- **How to complete this task**
Please restate every entry exactly. Leave out the pictures.

- **Extracted information**
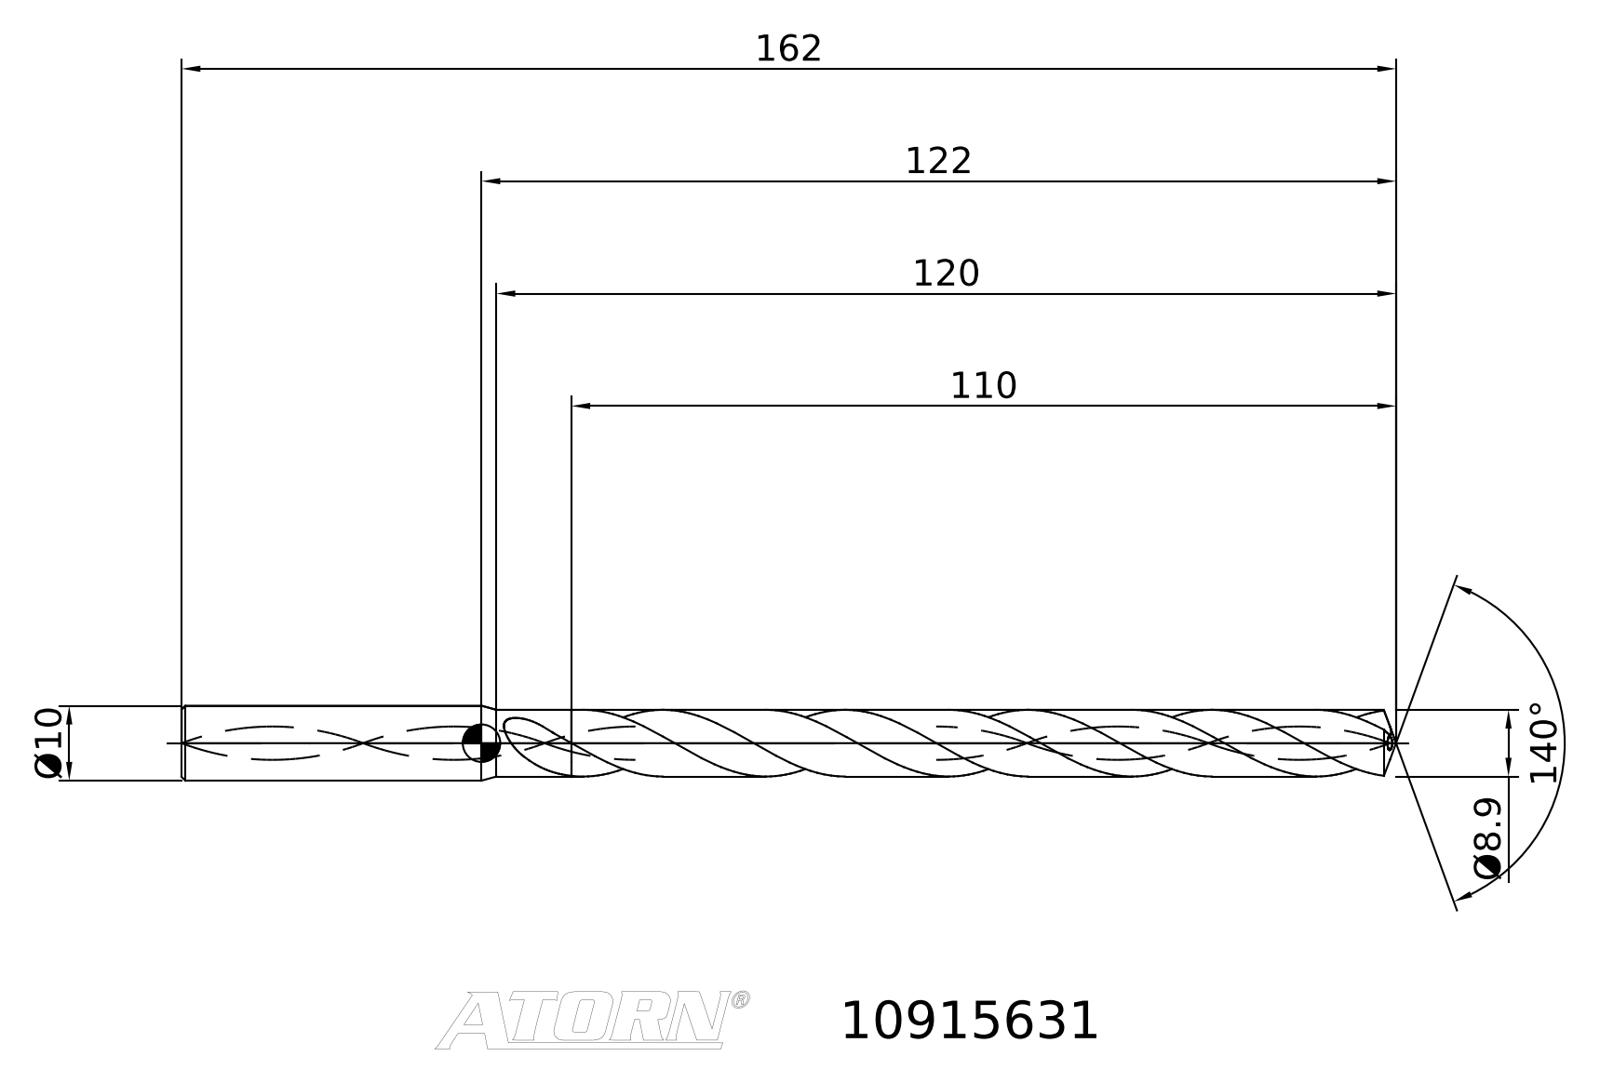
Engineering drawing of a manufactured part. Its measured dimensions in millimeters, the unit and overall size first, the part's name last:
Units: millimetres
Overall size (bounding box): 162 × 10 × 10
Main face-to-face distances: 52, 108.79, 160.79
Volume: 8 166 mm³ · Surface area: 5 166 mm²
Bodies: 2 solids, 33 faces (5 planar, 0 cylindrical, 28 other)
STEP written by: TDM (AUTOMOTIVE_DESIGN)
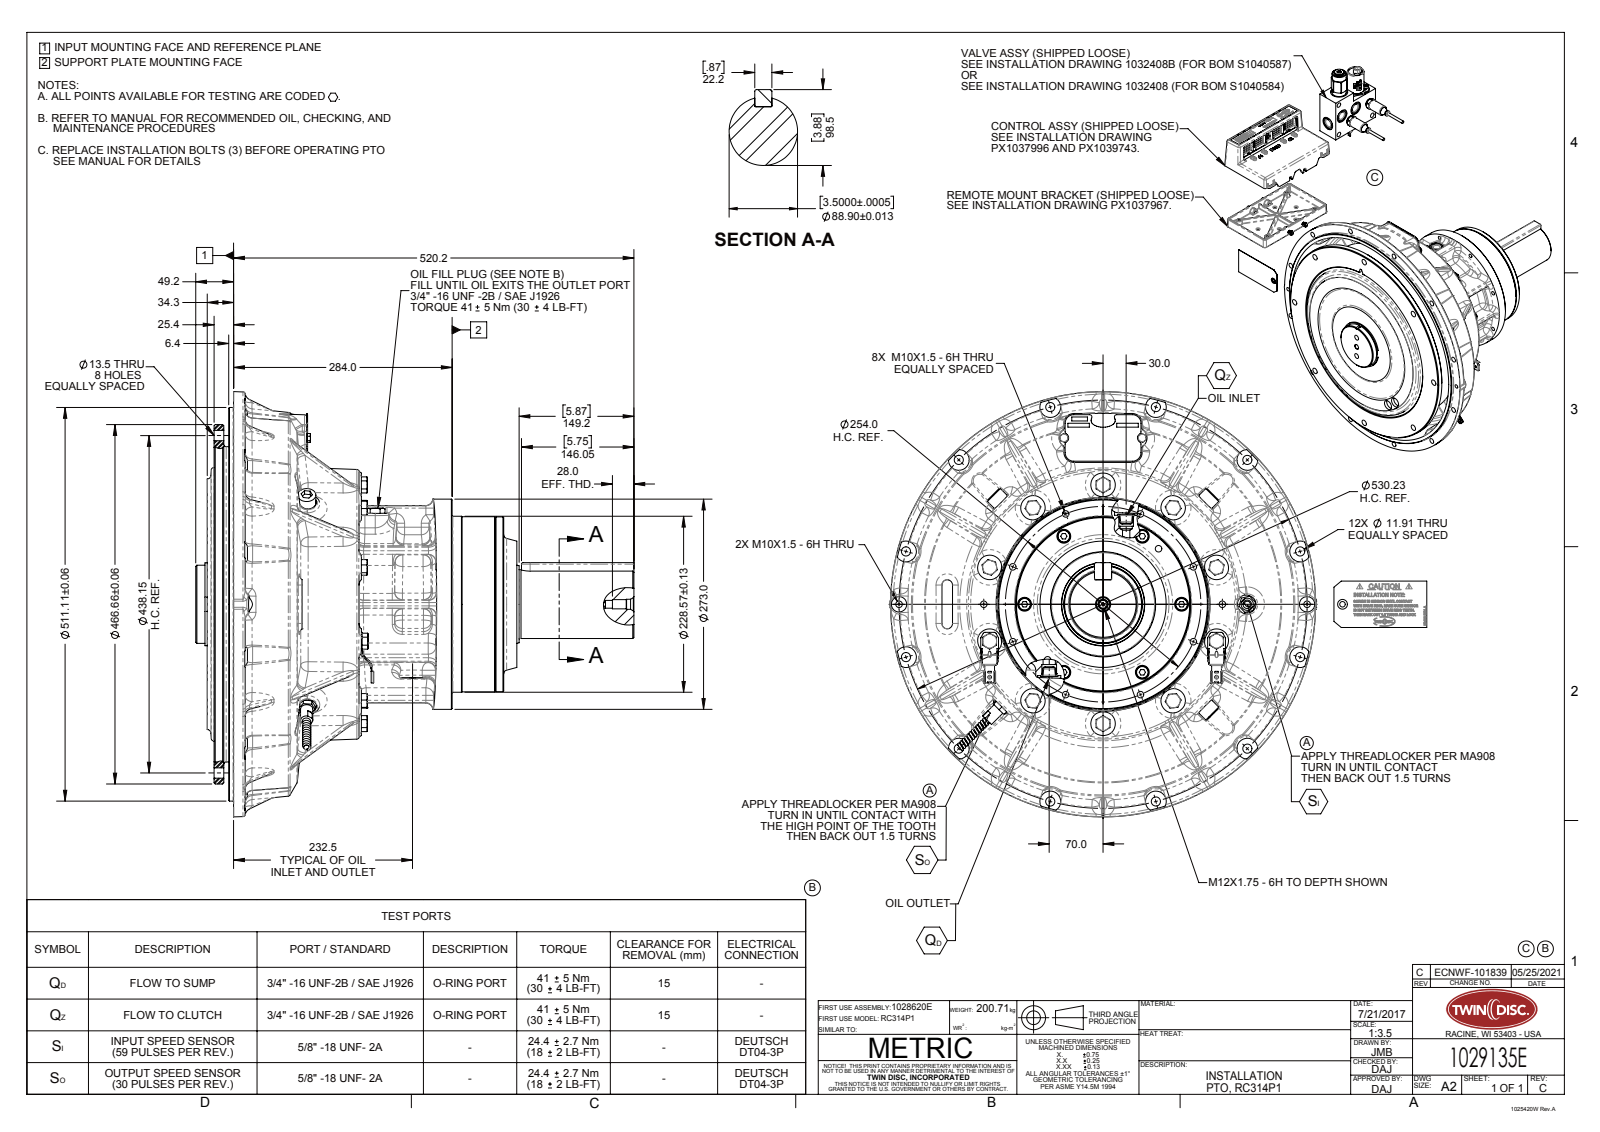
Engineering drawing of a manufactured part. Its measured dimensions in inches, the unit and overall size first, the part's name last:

- **Exercise output**
Engineering drawing of a manufactured part. Its measured dimensions in millimeters, the unit and overall size first, the part's name last:
Units: millimetres
Overall size (bounding box): 162 × 10 × 10
Main face-to-face distances: 52, 108.79, 160.79
Volume: 8 166 mm³ · Surface area: 5 166 mm²
Bodies: 2 solids, 33 faces (5 planar, 0 cylindrical, 28 other)
STEP written by: TDM (AUTOMOTIVE_DESIGN)
Engineering drawing of a manufactured part. Its measured dimensions in inches, the unit and overall size first, the part's name last:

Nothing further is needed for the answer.